Save the traning model for predicting

chunbo_zhang · September 13, 2021, 3:52am

Dear all
I have trained a model with Random forest regression for bulk modulus prediction. How do I export this model and predicting?
Any advice would be gratefully appreciated.

Logan_Ward · September 13, 2021, 1:27pm

Hello Chundo,

You will need to save your model and featurizer with Pickle (Python’s tool for saving and loading variables). Saving them will look something like:

import pickle as pkl
with open('featurizer.pkl', 'wb') as fp:
    pkl.dump(feat, fp)  # Writes the featurizer to file named "featurizer.pkl"
with open('model.pkl', 'wb') as fp:
    pkl.dump(model, fp)  # Save the model to "model.pkl"

Once they are saved, you can load them back in later:

import pickle as pkl
with open('featurizer.pkl', 'rb') as fp:  # 'rb' means read in _binary_ mode
   feat = pkl.load(fp)
with open('model.pkl', 'rb') as fp: 
   model = pkl.load(fp)

# Run the prediction
X = feat.featurize_many([...]) 
y_pred = model.predict(X)

Happy to dig into more detail if any of this is unclear.

chunbo_zhang · September 14, 2021, 1:22pm

Dear Logan Ward
Thanks for your kind and helpful reply. I have encountered another problem with using this script on bulk_modulus.ipynb(https://nbviewer.jupyter.org/github/hackingmaterials/matminer_examples/blob/main/matminer_examples/machine_learning-nb/bulk_modulus.ipynb):
I added :
import pickle as pkl
with open(‘featurizer.pkl’, ‘wb’) as fp:
pkl.dump(X, fp) # Save the feature to “featurizer.pkl”
with open(‘model.pkl’, ‘wb’) as fb:
pkl.dump(lr, fb) # Save the model to “model.pkl”
Xa = X.featurize_many([…])
y_pred = model.predict(Xa)

Logan_Ward · September 14, 2021, 4:10pm

Great, looks like most of it is working.

The line should be feat.fetaurize_many not X.featurize_many

Logan_Ward · September 14, 2021, 4:11pm

Wait - a quick question. Are you using a Featurizer to compute “X”?
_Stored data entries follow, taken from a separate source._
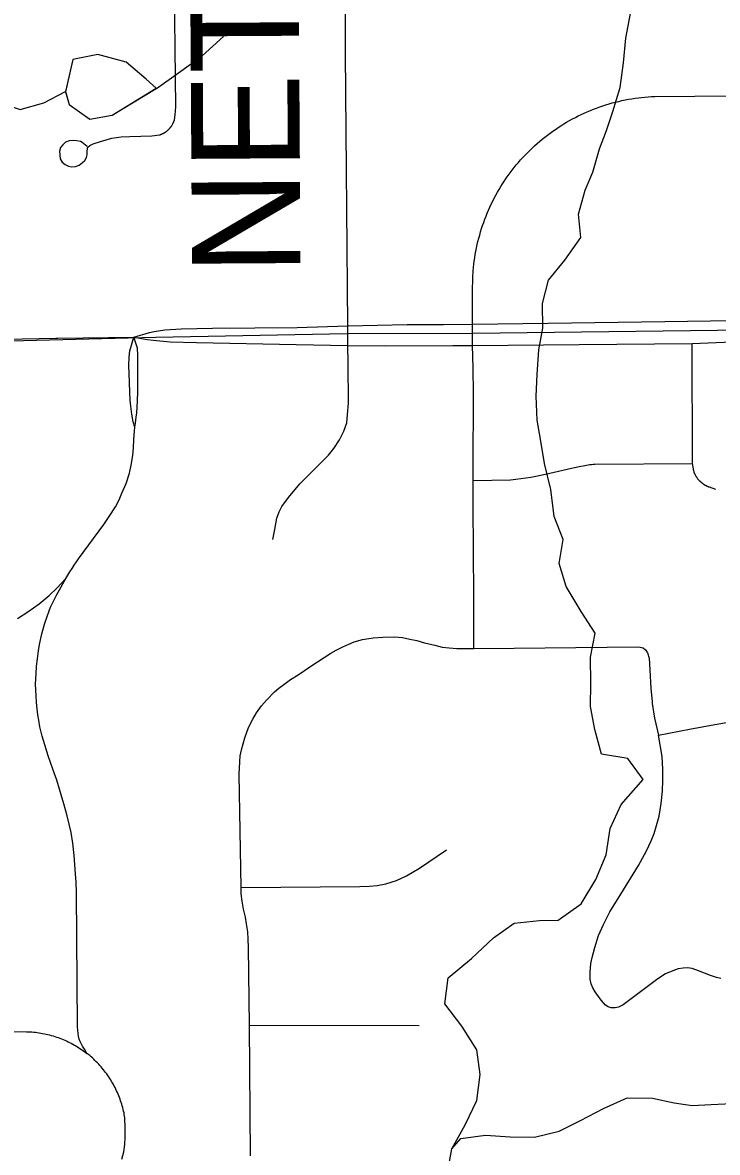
# Model space of a CAD drawing. Extents: x 0 to 34, y 0 to 22.
# Drawn here: x 6.2147 to 6.3965, y 15.4251 to 15.7208 of the extents above; entities that cross this region are included whole.
import ezdxf

# ---------------------------------------------------------------- set-up
doc = ezdxf.new("R2010")
doc.units = 0
for name, color, linetype in [('GM_X_Minor_Lake', 7, 'Continuous'), ('GM_X_Minor_River', 7, 'Continuous'), ('GM_X_Rail_Line_Text', 7, 'Continuous'), ('GM_X_State_Route', 7, 'Continuous'), ('GM_X_Township', 7, 'Continuous'), ('GM_X_Township_Road', 7, 'Continuous'), ('GM_X_Township_Road_Text', 7, 'Continuous')]:
    doc.layers.add(name, color=color, linetype=linetype)

msp = doc.modelspace()

# ---------------------------------------------------------------- linework, layer by layer
at = {"layer": 'GM_X_Minor_Lake'}
for points in [[(6.24966, 15.70359), (6.247, 15.70597), (6.24181, 15.71044), (6.2344, 15.71239), (6.22781, 15.71114), (6.2259, 15.70268)], [(6.24969, 15.70356), (6.247, 15.70597), (6.24181, 15.71044), (6.2344, 15.71239), (6.22781, 15.71114), (6.22591, 15.70272)], [(6.22587, 15.70276), (6.22688, 15.69936), (6.23224, 15.69547), (6.23809, 15.69652), (6.24961, 15.70356)], [(6.2259, 15.70268), (6.22688, 15.69936), (6.23224, 15.69547), (6.23809, 15.69652), (6.24966, 15.70359)]]:
    msp.add_lwpolyline(points, dxfattribs=at)
at = {"layer": 'GM_X_Minor_River'}
for points in [[(6.32614, 15.42124), (6.32701, 15.426), (6.33049, 15.43232), (6.33359, 15.43864), (6.33442, 15.44549), (6.33355, 15.45192), (6.32966, 15.45811), (6.32521, 15.46392), (6.32603, 15.47076), (6.33218, 15.4758), (6.33795, 15.48122), (6.34337, 15.48511), (6.34997, 15.48579), (6.35489, 15.48588), (6.36087, 15.49016), (6.36473, 15.49649), (6.36745, 15.50299), (6.36846, 15.50984), (6.37138, 15.51615), (6.37713, 15.5227), (6.37306, 15.52813), (6.36623, 15.52934), (6.36442, 15.53576), (6.36336, 15.54181), (6.36344, 15.54788), (6.36332, 15.55471), (6.36454, 15.561), (6.36085, 15.56662), (6.35695, 15.57319), (6.35514, 15.57923), (6.35616, 15.58552), (6.35379, 15.59154), (6.35291, 15.59855), (6.35128, 15.60535), (6.35022, 15.61178), (6.34937, 15.6167), (6.34907, 15.62296), (6.34935, 15.62866), (6.34981, 15.63511), (6.35084, 15.64082), (6.35073, 15.64727), (6.35232, 15.65337), (6.35658, 15.65857), (6.36083, 15.66453), (6.36015, 15.67059), (6.36193, 15.67688), (6.36393, 15.68166), (6.36571, 15.68776), (6.36752, 15.69254), (6.36914, 15.6975), (6.3711, 15.70379), (6.37194, 15.71026), (6.37258, 15.71672), (6.37379, 15.72319)], [(6.24969, 15.70356), (6.25548, 15.70764), (6.26164, 15.71211), (6.26723, 15.71715)], [(6.18296, 15.691), (6.18953, 15.69358), (6.19513, 15.69823), (6.20112, 15.70175), (6.20776, 15.70016), (6.21404, 15.69799), (6.22025, 15.69981), (6.22587, 15.70276)], [(6.32701, 15.426), (6.32942, 15.4287), (6.33583, 15.42957), (6.34227, 15.42912), (6.3487, 15.42904), (6.3551, 15.43067), (6.36073, 15.43343), (6.36673, 15.43657), (6.37292, 15.43933), (6.37954, 15.43926), (6.38523, 15.43803), (6.38998, 15.43735), (6.39489, 15.43763), (6.40207, 15.43795)]]:
    msp.add_lwpolyline(points, dxfattribs=at)
at = {"layer": 'GM_X_Rail_Line_Text'}
msp.add_lwpolyline([(6.74627, 14.37116), (6.74201, 15.01654), (6.74144, 15.02092), (6.73934, 15.12764), (6.74001, 15.34907), (6.73918, 15.60382), (6.74001, 15.64147), (6.73142, 15.64139), (6.61338, 15.64137), (6.52036, 15.64103), (6.49563, 15.64107), (6.48595, 15.64093), (6.45516, 15.64069), (6.41795, 15.64046), (6.33251, 15.63938), (6.29968, 15.63934), (6.24955, 15.63838), (6.24231, 15.63821), (6.14973, 15.63585), (6.04406, 15.63962), (6.04095, 15.63985), (5.15815, 15.63216)], dxfattribs=at)
at = {"layer": 'GM_X_State_Route'}
msp.add_line((6.22392, 15.6382), (6.24377, 15.6384), dxfattribs=at)
for points in [[(6.24377, 15.6384), (6.24793, 15.63962), (6.24914, 15.63992), (6.25187, 15.64038), (6.25617, 15.64065), (6.26437, 15.64078), (6.28657, 15.641), (6.29977, 15.64138), (6.31536, 15.64171), (6.32484, 15.64175), (6.33245, 15.64184), (6.35224, 15.64211), (6.38282, 15.64251), (6.41855, 15.64302), (6.41913, 15.64302), (6.42882, 15.64318), (6.45539, 15.64318), (6.48728, 15.64319), (6.49654, 15.6432), (6.5205, 15.6432), (6.61384, 15.64323)], [(6.04478, 15.63944), (6.06201, 15.63878), (6.06796, 15.63855), (6.07645, 15.63823), (6.08584, 15.63787), (6.08829, 15.63778), (6.0985, 15.63739), (6.10504, 15.63716), (6.11158, 15.63697), (6.12274, 15.63681), (6.1401, 15.6369), (6.1881, 15.6375), (6.22342, 15.6382), (6.22392, 15.6382)], [(6.24377, 15.6384), (6.24737, 15.63779), (6.24886, 15.63764)], [(6.24886, 15.63764), (6.25331, 15.63718), (6.26019, 15.637), (6.2863, 15.63654), (6.29977, 15.63627)], [(6.33245, 15.6363), (6.3604, 15.63654), (6.38991, 15.63674)], [(6.38991, 15.63674), (6.41707, 15.63793), (6.41922, 15.63788), (6.44732, 15.63808), (6.45536, 15.63812)], [(6.29977, 15.63627), (6.30974, 15.63616), (6.3273, 15.63625), (6.33245, 15.6363)]]:
    msp.add_lwpolyline(points, dxfattribs=at)
at = {"layer": 'GM_X_Township'}
msp.add_lwpolyline([(6.72576, 17.34372), (6.73112, 16.77245), (6.7311, 16.53864), (6.73111, 16.53754), (6.73161, 16.49675), (6.73164, 16.49443), (6.7317, 16.48075), (6.73239, 16.31915), (6.74001, 15.64147), (6.73142, 15.64139), (6.61338, 15.64137), (6.52036, 15.64103), (6.49563, 15.64107), (6.48595, 15.64093), (6.45516, 15.64069), (6.41795, 15.64046), (6.33251, 15.63938), (6.29968, 15.63934), (6.24955, 15.63838), (6.24231, 15.63821), (6.14973, 15.63585), (6.04406, 15.63962), (6.04095, 15.63985), (5.15815, 15.63216)], dxfattribs=at)
at = {"layer": 'GM_X_Township_Road'}
msp.add_line((6.27404, 15.45836), (6.31848, 15.45829), dxfattribs=at)
for points in [[(6.29977, 15.63627), (6.29977, 15.64138), (6.29917, 15.71277), (6.2991, 15.7357), (6.2991, 15.73915), (6.2991, 15.75264), (6.29901, 15.76392), (6.299, 15.78256), (6.29897, 15.78783), (6.29886, 15.80846), (6.29879, 15.83472), (6.29882, 15.84831), (6.2987, 15.86323), (6.29862, 15.88684), (6.29854, 15.88991), (6.29849, 15.91809), (6.29847, 15.9572), (6.2984, 15.97668)], [(6.2316, 15.6883), (6.23028, 15.68939), (6.22983, 15.68963), (6.22892, 15.68986), (6.22807, 15.68995), (6.2269, 15.68984), (6.22593, 15.68946), (6.22519, 15.68877), (6.22464, 15.68805), (6.2243, 15.68714), (6.22451, 15.68515), (6.22508, 15.6842), (6.22581, 15.68364), (6.22666, 15.68321), (6.22751, 15.68302), (6.22853, 15.68311), (6.22951, 15.68343), (6.23035, 15.68413), (6.23096, 15.68467), (6.23139, 15.68543), (6.23156, 15.68616), (6.2316, 15.68675), (6.23171, 15.6881), (6.23228, 15.68863), (6.23315, 15.68903), (6.23504, 15.68969), (6.23807, 15.69048), (6.24051, 15.69085), (6.24271, 15.69099), (6.24854, 15.69109), (6.25055, 15.69138), (6.25065, 15.69142), (6.25075, 15.69145), (6.25085, 15.69149), (6.25095, 15.69153), (6.25105, 15.69157), (6.25115, 15.69161), (6.25124, 15.69166), (6.25134, 15.6917), (6.25144, 15.69175), (6.25153, 15.6918), (6.25163, 15.69185), (6.25172, 15.6919), (6.25181, 15.69195), (6.2519, 15.69201), (6.25199, 15.69207), (6.25208, 15.69213), (6.25217, 15.69219), (6.25225, 15.69225), (6.25234, 15.69231), (6.25242, 15.69238), (6.25251, 15.69245), (6.25259, 15.69252), (6.25267, 15.69258), (6.25275, 15.69266), (6.25283, 15.69273), (6.2529, 15.69281), (6.25298, 15.69288), (6.25305, 15.69296), (6.25313, 15.69304), (6.25319, 15.69311), (6.25327, 15.69319), (6.25333, 15.69328), (6.2534, 15.69336), (6.25347, 15.69345), (6.25353, 15.69353), (6.25359, 15.69362), (6.25365, 15.6937), (6.25371, 15.69379), (6.25377, 15.69388), (6.25383, 15.69397), (6.25388, 15.69407), (6.25393, 15.69416), (6.25399, 15.69425), (6.25404, 15.69435), (6.25408, 15.69444), (6.25413, 15.69454), (6.25417, 15.69464), (6.25422, 15.69473), (6.25426, 15.69483), (6.2543, 15.69493), (6.25433, 15.69503), (6.25437, 15.69514), (6.2544, 15.69524), (6.25444, 15.69534), (6.25462, 15.69661), (6.25481, 15.69876), (6.25438, 15.73704)], [(6.33245, 15.6363), (6.33245, 15.64184), (6.33241, 15.65037), (6.33253, 15.65405), (6.33264, 15.65578), (6.33281, 15.65751), (6.33292, 15.65837), (6.33304, 15.65923), (6.33318, 15.66009), (6.33333, 15.66094), (6.3335, 15.6618), (6.33368, 15.66265), (6.33388, 15.66349), (6.33409, 15.66433), (6.33432, 15.66517), (6.33456, 15.66601), (6.33481, 15.66684), (6.33509, 15.66766), (6.33537, 15.66848), (6.33567, 15.6693), (6.33598, 15.67011), (6.33631, 15.67091), (6.33665, 15.67171), (6.33701, 15.6725), (6.33737, 15.67329), (6.33776, 15.67407), (6.33815, 15.67484), (6.33856, 15.6756), (6.33898, 15.67636), (6.33942, 15.67711), (6.33987, 15.67786), (6.34033, 15.67859), (6.3408, 15.67932), (6.34129, 15.68004), (6.34179, 15.68075), (6.34231, 15.68145), (6.34283, 15.68214), (6.34336, 15.68282), (6.34391, 15.6835), (6.34447, 15.68416), (6.34504, 15.68481), (6.34563, 15.68546), (6.34622, 15.68609), (6.34682, 15.68672), (6.34744, 15.68733), (6.34807, 15.68793), (6.3487, 15.68852), (6.34935, 15.6891), (6.35, 15.68967), (6.35067, 15.69022), (6.35135, 15.69077), (6.35203, 15.6913), (6.35273, 15.69182), (6.35343, 15.69233), (6.35414, 15.69283), (6.35486, 15.69331), (6.35559, 15.69378), (6.35633, 15.69424), (6.35708, 15.69469), (6.35783, 15.69512), (6.35859, 15.69554), (6.35936, 15.69594), (6.36013, 15.69633), (6.36091, 15.69671), (6.3617, 15.69708), (6.36249, 15.69743), (6.3633, 15.69777), (6.3641, 15.69809), (6.36491, 15.6984), (6.36573, 15.69869), (6.36655, 15.69897), (6.36738, 15.69924), (6.36821, 15.69949), (6.36904, 15.69973), (6.36988, 15.69995), (6.37072, 15.70016), (6.37157, 15.70035), (6.37242, 15.70053), (6.37327, 15.70069), (6.37413, 15.70084), (6.37499, 15.70098), (6.37585, 15.70109), (6.37671, 15.7012), (6.37757, 15.70129), (6.37844, 15.70136), (6.3793, 15.70142), (6.38017, 15.70146), (6.41148, 15.70167)], [(6.24408, 15.61487), (6.24362, 15.61627), (6.24325, 15.61828), (6.24297, 15.62042), (6.24288, 15.62191), (6.24274, 15.62392), (6.24264, 15.62667), (6.2426, 15.62886), (6.2425, 15.63105), (6.2426, 15.63324), (6.24274, 15.63488), (6.24377, 15.6384)], [(6.24408, 15.61487), (6.24422, 15.61595), (6.24445, 15.61752), (6.2446, 15.6186), (6.24479, 15.62168), (6.24488, 15.6242), (6.24488, 15.63119), (6.24483, 15.63371), (6.24474, 15.63553), (6.24377, 15.6384)], [(6.39616, 15.59855), (6.39445, 15.59916), (6.39432, 15.59921), (6.39421, 15.59925), (6.3941, 15.59929), (6.394, 15.59934), (6.39389, 15.59939), (6.39379, 15.59944), (6.39368, 15.59949), (6.39358, 15.59954), (6.39348, 15.59959), (6.39338, 15.59965), (6.39328, 15.59971), (6.39318, 15.59977), (6.39308, 15.59983), (6.39298, 15.5999), (6.39289, 15.59996), (6.39279, 15.60003), (6.3927, 15.6001), (6.39261, 15.60017), (6.39252, 15.60024), (6.39243, 15.60031), (6.39234, 15.60039), (6.39225, 15.60046), (6.39217, 15.60054), (6.39208, 15.60062), (6.392, 15.6007), (6.39192, 15.60078), (6.39184, 15.60087), (6.39176, 15.60095), (6.39169, 15.60104), (6.39161, 15.60113), (6.39154, 15.60122), (6.39146, 15.60131), (6.39139, 15.6014), (6.39132, 15.60149), (6.39126, 15.60159), (6.39119, 15.60168), (6.39113, 15.60178), (6.39106, 15.60187), (6.391, 15.60197), (6.39094, 15.60207), (6.39089, 15.60217), (6.39083, 15.60228), (6.39078, 15.60238), (6.39073, 15.60248), (6.39068, 15.60259), (6.39063, 15.60269), (6.39058, 15.6028), (6.39054, 15.6029), (6.39049, 15.60301), (6.39042, 15.60322), (6.39038, 15.60333), (6.39034, 15.60344), (6.39005, 15.60538), (6.38991, 15.63674)], [(6.28018, 15.58547), (6.28066, 15.58814), (6.28127, 15.59107), (6.28182, 15.59271), (6.2825, 15.59415), (6.28428, 15.59647), (6.28728, 15.60002), (6.29473, 15.60753), (6.29616, 15.60931), (6.29766, 15.61156), (6.29875, 15.61381), (6.29951, 15.61599), (6.29976, 15.61816), (6.29998, 15.62119), (6.29992, 15.63163), (6.29977, 15.63627)], [(6.33269, 15.61623), (6.33273, 15.62362), (6.33258, 15.63044), (6.33245, 15.6363)], [(6.33282, 15.55693), (6.33276, 15.56951), (6.33269, 15.58363), (6.33264, 15.59322), (6.33261, 15.60095), (6.33266, 15.6113), (6.33269, 15.61623)], [(6.24066, 15.42329), (6.24117, 15.4252), (6.24144, 15.42717), (6.24154, 15.42903), (6.2415, 15.43184), (6.24144, 15.4337), (6.2414, 15.43413), (6.24135, 15.43456), (6.24129, 15.43499), (6.24123, 15.43542), (6.24113, 15.43588), (6.24102, 15.43634), (6.2409, 15.43679), (6.24078, 15.43724), (6.24064, 15.43769), (6.2405, 15.43813), (6.24035, 15.43858), (6.2402, 15.43902), (6.24003, 15.43946), (6.23986, 15.43989), (6.23969, 15.44032), (6.2395, 15.44075), (6.2393, 15.44118), (6.2391, 15.4416), (6.23889, 15.44202), (6.23868, 15.44244), (6.23846, 15.44285), (6.23823, 15.44325), (6.23799, 15.44366), (6.23774, 15.44406), (6.23749, 15.44445), (6.23723, 15.44484), (6.23697, 15.44523), (6.2367, 15.44561), (6.23642, 15.44598), (6.23614, 15.44635), (6.23585, 15.44672), (6.23555, 15.44708), (6.23524, 15.44744), (6.23493, 15.44779), (6.23462, 15.44813), (6.2343, 15.44847), (6.23397, 15.44881), (6.23363, 15.44914), (6.2333, 15.44946), (6.23295, 15.44978), (6.2326, 15.45009), (6.23225, 15.45039), (6.23153, 15.45097), (6.23085, 15.4521), (6.23039, 15.4529), (6.23, 15.45356), (6.22967, 15.45425), (6.22953, 15.45473), (6.22932, 15.45551), (6.2292, 15.45618), (6.22913, 15.45703), (6.22907, 15.4579), (6.22878, 15.4931), (6.22867, 15.49583), (6.22856, 15.49796), (6.22818, 15.50276), (6.2278, 15.50598), (6.22736, 15.50881), (6.22638, 15.51312), (6.22551, 15.51634), (6.22361, 15.52249), (6.22256, 15.5254), (6.22136, 15.52889), (6.22048, 15.53174), (6.21977, 15.53405), (6.21923, 15.53648), (6.21891, 15.53822), (6.21867, 15.53957), (6.21847, 15.54117), (6.21831, 15.54286), (6.2182, 15.5446), (6.21803, 15.54766), (6.2182, 15.55033), (6.21834, 15.5523), (6.21858, 15.55426), (6.21885, 15.55638), (6.21913, 15.55802), (6.21972, 15.56075), (6.22044, 15.56332), (6.2212, 15.56556), (6.22202, 15.56779), (6.22355, 15.5709), (6.22603, 15.57528), (6.22656, 15.57618), (6.22708, 15.57705), (6.22763, 15.57791), (6.22818, 15.57877), (6.22875, 15.57961), (6.22934, 15.58044), (6.23593, 15.5894), (6.23732, 15.5915), (6.23901, 15.59407), (6.23998, 15.59584), (6.24068, 15.59757), (6.24176, 15.60013), (6.24269, 15.60288), (6.2432, 15.60535), (6.24356, 15.60756), (6.24371, 15.60945), (6.24381, 15.61166), (6.24395, 15.61384), (6.24408, 15.61487)], [(6.33261, 15.60095), (6.34243, 15.60113), (6.34375, 15.60127), (6.34506, 15.60144), (6.34637, 15.60162), (6.34767, 15.60183), (6.34898, 15.60207), (6.35027, 15.60232), (6.35157, 15.6026), (6.35835, 15.60413), (6.36079, 15.60467), (6.3614, 15.6048), (6.36183, 15.60488), (6.36226, 15.60496), (6.3627, 15.60502), (6.36313, 15.60508), (6.36356, 15.60514), (6.364, 15.60518), (6.36444, 15.60521), (6.39005, 15.60538)], [(6.21334, 15.56484), (6.21607, 15.56654), (6.21902, 15.56861), (6.22164, 15.57079), (6.2236, 15.57276), (6.22603, 15.57528)], [(6.27437, 15.42414), (6.27404, 15.45836), (6.27384, 15.47873), (6.27374, 15.48084), (6.27364, 15.48282), (6.27332, 15.48492), (6.27305, 15.48665), (6.27254, 15.48869), (6.27213, 15.4908), (6.27193, 15.49271), (6.27186, 15.49443), (6.2714, 15.52403), (6.27153, 15.52729), (6.27165, 15.52885), (6.27194, 15.53046), (6.27286, 15.53358), (6.27384, 15.53629), (6.27493, 15.53846), (6.27592, 15.54009), (6.27724, 15.54194), (6.27857, 15.54349), (6.28064, 15.54562), (6.28175, 15.54654), (6.28306, 15.54753), (6.28479, 15.5488), (6.28678, 15.55003), (6.29016, 15.55237), (6.29535, 15.55572), (6.29677, 15.55652), (6.29846, 15.55739), (6.30004, 15.55813), (6.30146, 15.55871), (6.30365, 15.55929), (6.30642, 15.55975), (6.30895, 15.55993), (6.31201, 15.55998), (6.31414, 15.55981), (6.31605, 15.55941), (6.31788, 15.55901), (6.31985, 15.55848), (6.32256, 15.55779), (6.32452, 15.55733), (6.32632, 15.5571), (6.32838, 15.55693), (6.33282, 15.55693)], [(6.33282, 15.55693), (6.34338, 15.55703), (6.35948, 15.55719), (6.37587, 15.55735)], [(6.37587, 15.55735), (6.37711, 15.55711), (6.37769, 15.55664), (6.37828, 15.55582), (6.37869, 15.55441), (6.37887, 15.55141), (6.37916, 15.54648), (6.37947, 15.54309)], [(6.37947, 15.54309), (6.37951, 15.5426), (6.38008, 15.53874), (6.3811, 15.53424), (6.38921, 15.53583), (6.39589, 15.53702), (6.41125, 15.53968)], [(6.3974, 15.47055), (6.39628, 15.47085), (6.39476, 15.47138), (6.39159, 15.47261), (6.38994, 15.4732), (6.38871, 15.47337), (6.38759, 15.47332), (6.3863, 15.47314), (6.38489, 15.47261), (6.38299, 15.47183), (6.38092, 15.47047), (6.37643, 15.46707), (6.37185, 15.46373), (6.37066, 15.46306), (6.36977, 15.46289), (6.36876, 15.46289), (6.36792, 15.4632), (6.36722, 15.46364), (6.36612, 15.46491), (6.36453, 15.46712), (6.36391, 15.46813), (6.36352, 15.46919), (6.36325, 15.47042), (6.36321, 15.47228), (6.36339, 15.47448), (6.36374, 15.47606), (6.36449, 15.47866), (6.36545, 15.48183), (6.36673, 15.48474), (6.36837, 15.48805), (6.37123, 15.49267), (6.3759, 15.50017), (6.37797, 15.504), (6.3792, 15.5066), (6.37995, 15.50854), (6.38061, 15.51065), (6.38127, 15.51303), (6.3818, 15.51638), (6.38216, 15.5196), (6.38229, 15.52251), (6.38229, 15.52541), (6.38211, 15.52867), (6.3811, 15.53424)], [(6.27186, 15.49443), (6.30292, 15.49463), (6.30549, 15.49474), (6.30747, 15.49489), (6.30978, 15.49535), (6.31255, 15.49627), (6.31519, 15.49746), (6.31855, 15.49944), (6.3256, 15.50425)], [(6.17662, 15.45705), (6.21574, 15.45666), (6.21714, 15.45659), (6.21761, 15.45655), (6.21807, 15.4565), (6.21853, 15.45644), (6.219, 15.45637), (6.21946, 15.4563), (6.21992, 15.45622), (6.22038, 15.45613), (6.22084, 15.45603), (6.22129, 15.45592), (6.22175, 15.45581), (6.2222, 15.45569), (6.22265, 15.45556), (6.2231, 15.45542), (6.22354, 15.45527), (6.22398, 15.45512), (6.22442, 15.45496), (6.22486, 15.45479), (6.22529, 15.45462), (6.22572, 15.45443), (6.22615, 15.45424), (6.22658, 15.45404), (6.22699, 15.45384), (6.22741, 15.45362), (6.22782, 15.45341), (6.22823, 15.45318), (6.22864, 15.45294), (6.22904, 15.4527), (6.22943, 15.45245), (6.22983, 15.4522), (6.23021, 15.45194), (6.2306, 15.45167), (6.23097, 15.45139), (6.23153, 15.45097)]]:
    msp.add_lwpolyline(points, dxfattribs=at)

# ---------------------------------------------------------------- texts
at = {"layer": 'GM_X_Township_Road_Text'}
msp.add_text('NETTLETON', height=0.028409, rotation=90.3535, dxfattribs=at).set_placement((6.28744, 15.65473))

doc.saveas('drawing.dxf')

chunbo_zhang · September 15, 2021, 1:28am

Yes, first I import the original data such as formula, space group, composition for features creation，all features are stored in X. And use the model to calculate that. Under your help, I remodified the script by deleting the Xa = X.featurize_many([…]) . Just y_pred = model.predict(X). It worked for me. Thanks for your helpful and kind reply.